[Dataset entries]
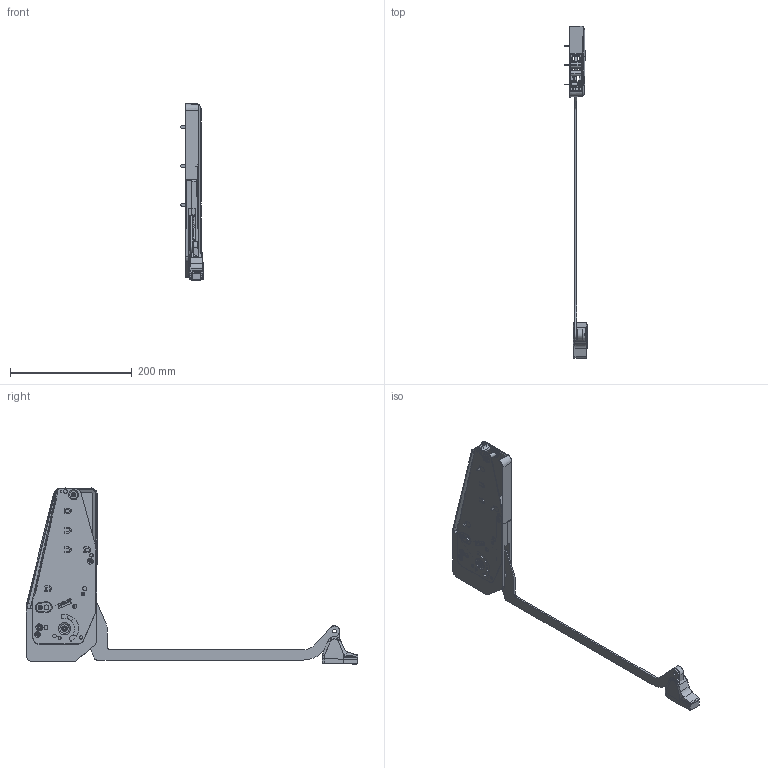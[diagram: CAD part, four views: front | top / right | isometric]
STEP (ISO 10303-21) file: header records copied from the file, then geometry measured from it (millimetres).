
FILE_DESCRIPTION((''),'2;1');
FILE_NAME('FLB_RECHTS_KUNDEN_ASM','2014-02-06T',('7ke10'),('RAND'),'PRO/ENGINEER BY PARAMETRIC TECHNOLOGY CORPORATION, 2011490','PRO/ENGINEER BY PARAMETRIC TECHNOLOGY CORPORATION, 2011490','');
FILE_SCHEMA(('AUTOMOTIVE_DESIGN_CC2 { 1 2 10303 214 -1 1 5 2 }'));
Products named in the file (25): 582728_MIR; 582729_MIR; 150693_MIR; 150694_MIR; 150699_MIR; 150700_MIR; 582731_MIR_ASM; 582647; 233597_MIR; 150776_MIR; 582467_MIR_ASM; 150697_MIR; 150698_MIR; MZ-121042-00_MIR; FLB_150783_MIR; 582667_MIR; 150777_MIR; 582687_MIR_ASM; 582668_MIR; 582669_MIR; 150779_MIR; 150780_MIR; 582683_MIR_ASM; 582685_MIR_ASM; FLB_RECHTS_KUNDEN_ASM
Assembly tree (29 placements, depth 4):
  FLB_RECHTS_KUNDEN_ASM
    582731_MIR_ASM
      582728_MIR
      582729_MIR
      150693_MIR
      150694_MIR
      150699_MIR
      150700_MIR  x2
    582467_MIR_ASM
      582647
      233597_MIR
      150776_MIR
    150697_MIR
    150699_MIR
    150698_MIR
    MZ-121042-00_MIR  x3
    FLB_150783_MIR
    582685_MIR_ASM
      582687_MIR_ASM
        582667_MIR
        150777_MIR  x2
      582683_MIR_ASM
        582668_MIR
        582669_MIR
        150779_MIR
        150780_MIR
Bounding box: 37.05 x 546.23 x 289.78 mm (x, y, z)
Volume: 302367.4 mm3; surface area: 267985.4 mm2
Topology: 25 solids, 33 shells, 3009 faces, 7870 edges, 5032 vertices
Faces by surface type: plane 1440, cylinder 845, bspline 242, cone 181, extrusion 164, torus 121, sphere 16
Entity records: 132126 total; most frequent: CARTESIAN_POINT 37248, ORIENTED_EDGE 15336, DIRECTION 14027, EDGE_CURVE 7668, PRESENTATION_STYLE_ASSIGNMENT 7600, STYLED_ITEM 7600, CURVE_STYLE 7582, VERTEX_POINT 4905
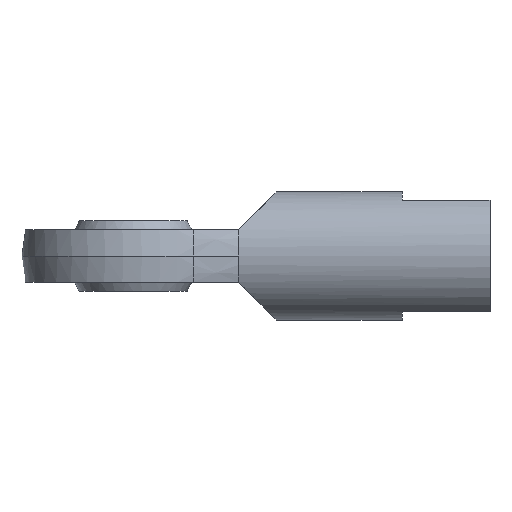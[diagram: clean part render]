
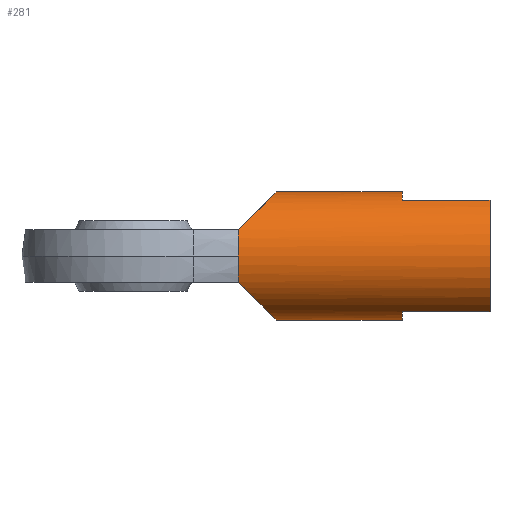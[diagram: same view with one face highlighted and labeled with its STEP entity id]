
A CAD part, front view. The second image highlights one B-rep face of the part: STEP entity #281.
In plain terms, the highlighted cylindrical face has radius 11 mm (diameter 22 mm), a partial arc.
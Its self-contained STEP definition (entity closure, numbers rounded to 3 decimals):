
#17 = ORIENTED_EDGE ( 'NONE', *, *, #637, .F. ) ;
#161 = VERTEX_POINT ( 'NONE', #1564 ) ;
#164 = VERTEX_POINT ( 'NONE', #1562 ) ;
#210 = EDGE_CURVE ( 'NONE', #211, #220, #1609, .T. ) ;
#211 = VERTEX_POINT ( 'NONE', #1605 ) ;
#220 = VERTEX_POINT ( 'NONE', #841 ) ;
#230 = EDGE_CURVE ( 'NONE', #161, #290, #834, .T. ) ;
#268 = VERTEX_POINT ( 'NONE', #720 ) ;
#269 = EDGE_CURVE ( 'NONE', #164, #268, #764, .T. ) ;
#275 = ORIENTED_EDGE ( 'NONE', *, *, #276, .T. ) ;
#276 = EDGE_CURVE ( 'NONE', #287, #211, #871, .T. ) ;
#277 = ORIENTED_EDGE ( 'NONE', *, *, #210, .T. ) ;
#278 = EDGE_CURVE ( 'NONE', #164, #220, #865, .T. ) ;
#279 = ORIENTED_EDGE ( 'NONE', *, *, #269, .T. ) ;
#280 = ORIENTED_EDGE ( 'NONE', *, *, #278, .F. ) ;
#281 = ADVANCED_FACE ( 'NONE', ( #867 ), #866, .T. ) ;
#284 = ORIENTED_EDGE ( 'NONE', *, *, #230, .F. ) ;
#285 = ORIENTED_EDGE ( 'NONE', *, *, #286, .F. ) ;
#286 = EDGE_CURVE ( 'NONE', #287, #161, #696, .T. ) ;
#287 = VERTEX_POINT ( 'NONE', #697 ) ;
#289 = EDGE_LOOP ( 'NONE', ( #284, #285, #275, #277, #280, #279, #17, #668, #606, #666, #616 ) ) ;
#290 = VERTEX_POINT ( 'NONE', #789 ) ;
#606 = ORIENTED_EDGE ( 'NONE', *, *, #617, .F. ) ;
#607 = VERTEX_POINT ( 'NONE', #1078 ) ;
#613 = EDGE_CURVE ( 'NONE', #290, #664, #1067, .T. ) ;
#615 = EDGE_CURVE ( 'NONE', #664, #618, #1062, .T. ) ;
#616 = ORIENTED_EDGE ( 'NONE', *, *, #613, .F. ) ;
#617 = EDGE_CURVE ( 'NONE', #618, #607, #1058, .T. ) ;
#618 = VERTEX_POINT ( 'NONE', #1024 ) ;
#635 = VERTEX_POINT ( 'NONE', #991 ) ;
#637 = EDGE_CURVE ( 'NONE', #635, #268, #987, .T. ) ;
#664 = VERTEX_POINT ( 'NONE', #918 ) ;
#665 = EDGE_CURVE ( 'NONE', #607, #635, #916, .T. ) ;
#666 = ORIENTED_EDGE ( 'NONE', *, *, #615, .F. ) ;
#668 = ORIENTED_EDGE ( 'NONE', *, *, #665, .F. ) ;
#696 =( BOUNDED_CURVE ( )  B_SPLINE_CURVE ( 3, ( #793, #792, #791, #790 ),
 .UNSPECIFIED., .F., .T. ) 
 B_SPLINE_CURVE_WITH_KNOTS ( ( 4, 4 ),
 ( 5.134, 6.283 ),
 .UNSPECIFIED. ) 
 CURVE ( )  GEOMETRIC_REPRESENTATION_ITEM ( )  RATIONAL_B_SPLINE_CURVE ( ( 1., 0.893, 0.893, 1. ) ) 
 REPRESENTATION_ITEM ( '' )  );
#697 = CARTESIAN_POINT ( 'NONE',  ( 18., -10.037, 4.5 ) ) ;
#705 = DIRECTION ( 'NONE',  ( 0., 0., -1. ) ) ;
#706 = DIRECTION ( 'NONE',  ( 1., 0., 0. ) ) ;
#707 = CARTESIAN_POINT ( 'NONE',  ( 18., 0., 0. ) ) ;
#708 = AXIS2_PLACEMENT_3D ( 'NONE', #707, #706, #705 ) ;
#709 = CARTESIAN_POINT ( 'NONE',  ( 18., -10.037, -4.5 ) ) ;
#710 = CARTESIAN_POINT ( 'NONE',  ( 22.073, -8.211, -8.573 ) ) ;
#711 = CARTESIAN_POINT ( 'NONE',  ( 24.5, -4.464, -11. ) ) ;
#712 = CARTESIAN_POINT ( 'NONE',  ( 24.5, 0., -11. ) ) ;
#720 = CARTESIAN_POINT ( 'NONE',  ( 46., 0., -11. ) ) ;
#761 = DIRECTION ( 'NONE',  ( 1., 0., 0. ) ) ;
#762 = VECTOR ( 'NONE', #761, 1000. ) ;
#763 = CARTESIAN_POINT ( 'NONE',  ( 18., 0., -11. ) ) ;
#764 = LINE ( 'NONE', #763, #762 ) ;
#789 = CARTESIAN_POINT ( 'NONE',  ( 46., 0., 11. ) ) ;
#790 = CARTESIAN_POINT ( 'NONE',  ( 24.5, 0., 11. ) ) ;
#791 = CARTESIAN_POINT ( 'NONE',  ( 24.5, -4.464, 11. ) ) ;
#792 = CARTESIAN_POINT ( 'NONE',  ( 22.073, -8.211, 8.573 ) ) ;
#793 = CARTESIAN_POINT ( 'NONE',  ( 18., -10.037, 4.5 ) ) ;
#831 = DIRECTION ( 'NONE',  ( 1., 0., 0. ) ) ;
#832 = VECTOR ( 'NONE', #831, 1000. ) ;
#833 = CARTESIAN_POINT ( 'NONE',  ( 18., 0., 11. ) ) ;
#834 = LINE ( 'NONE', #833, #832 ) ;
#841 = CARTESIAN_POINT ( 'NONE',  ( 18., -10.037, -4.5 ) ) ;
#865 =( BOUNDED_CURVE ( )  B_SPLINE_CURVE ( 3, ( #712, #711, #710, #709 ),
 .UNSPECIFIED., .F., .T. ) 
 B_SPLINE_CURVE_WITH_KNOTS ( ( 4, 4 ),
 ( 0., 1.149 ),
 .UNSPECIFIED. ) 
 CURVE ( )  GEOMETRIC_REPRESENTATION_ITEM ( )  RATIONAL_B_SPLINE_CURVE ( ( 1., 0.893, 0.893, 1. ) ) 
 REPRESENTATION_ITEM ( '' )  );
#866 = CYLINDRICAL_SURFACE ( 'NONE', #708, 11. ) ;
#867 = FACE_OUTER_BOUND ( 'NONE', #289, .T. ) ;
#868 = DIRECTION ( 'NONE',  ( 0., 1., 0. ) ) ;
#869 = DIRECTION ( 'NONE',  ( 1., 0., 0. ) ) ;
#870 = AXIS2_PLACEMENT_3D ( 'NONE', #875, #869, #868 ) ;
#871 = CIRCLE ( 'NONE', #870, 11. ) ;
#875 = CARTESIAN_POINT ( 'NONE',  ( 18., 0., 0. ) ) ;
#913 = DIRECTION ( 'NONE',  ( -1., 0., 0. ) ) ;
#914 = VECTOR ( 'NONE', #913, 1000. ) ;
#915 = CARTESIAN_POINT ( 'NONE',  ( 18., -5.545, -9.5 ) ) ;
#916 = LINE ( 'NONE', #915, #914 ) ;
#918 = CARTESIAN_POINT ( 'NONE',  ( 46., -5.545, 9.5 ) ) ;
#983 = DIRECTION ( 'NONE',  ( 0., 0., 1. ) ) ;
#984 = DIRECTION ( 'NONE',  ( 1., 0., 0. ) ) ;
#985 = CARTESIAN_POINT ( 'NONE',  ( 46., 0., 0. ) ) ;
#986 = AXIS2_PLACEMENT_3D ( 'NONE', #985, #984, #983 ) ;
#987 = CIRCLE ( 'NONE', #986, 11. ) ;
#991 = CARTESIAN_POINT ( 'NONE',  ( 46., -5.545, -9.5 ) ) ;
#1024 = CARTESIAN_POINT ( 'NONE',  ( 61., -5.545, 9.5 ) ) ;
#1054 = DIRECTION ( 'NONE',  ( 0., 0., -1. ) ) ;
#1055 = DIRECTION ( 'NONE',  ( 1., 0., 0. ) ) ;
#1056 = CARTESIAN_POINT ( 'NONE',  ( 61., 0., 0. ) ) ;
#1057 = AXIS2_PLACEMENT_3D ( 'NONE', #1056, #1055, #1054 ) ;
#1058 = CIRCLE ( 'NONE', #1057, 11. ) ;
#1059 = DIRECTION ( 'NONE',  ( 1., 0., 0. ) ) ;
#1060 = VECTOR ( 'NONE', #1059, 1000. ) ;
#1061 = CARTESIAN_POINT ( 'NONE',  ( 18., -5.545, 9.5 ) ) ;
#1062 = LINE ( 'NONE', #1061, #1060 ) ;
#1063 = DIRECTION ( 'NONE',  ( 0., 0., 1. ) ) ;
#1064 = DIRECTION ( 'NONE',  ( 1., 0., 0. ) ) ;
#1065 = CARTESIAN_POINT ( 'NONE',  ( 46., 0., 0. ) ) ;
#1066 = AXIS2_PLACEMENT_3D ( 'NONE', #1065, #1064, #1063 ) ;
#1067 = CIRCLE ( 'NONE', #1066, 11. ) ;
#1078 = CARTESIAN_POINT ( 'NONE',  ( 61., -5.545, -9.5 ) ) ;
#1562 = CARTESIAN_POINT ( 'NONE',  ( 24.5, 0., -11. ) ) ;
#1564 = CARTESIAN_POINT ( 'NONE',  ( 24.5, 0., 11. ) ) ;
#1605 = CARTESIAN_POINT ( 'NONE',  ( 18., -11., 0. ) ) ;
#1606 = DIRECTION ( 'NONE',  ( 0., 1., 0. ) ) ;
#1607 = DIRECTION ( 'NONE',  ( 1., 0., 0. ) ) ;
#1608 = AXIS2_PLACEMENT_3D ( 'NONE', #1614, #1607, #1606 ) ;
#1609 = CIRCLE ( 'NONE', #1608, 11. ) ;
#1614 = CARTESIAN_POINT ( 'NONE',  ( 18., 0., 0. ) ) ;

Directions
Please copy every line of the data that carries the string "CIRCLE".

Answer to the exercise
#871 = CIRCLE ( 'NONE', #870, 11. ) ;
#987 = CIRCLE ( 'NONE', #986, 11. ) ;
#1058 = CIRCLE ( 'NONE', #1057, 11. ) ;
#1067 = CIRCLE ( 'NONE', #1066, 11. ) ;
#1609 = CIRCLE ( 'NONE', #1608, 11. ) ;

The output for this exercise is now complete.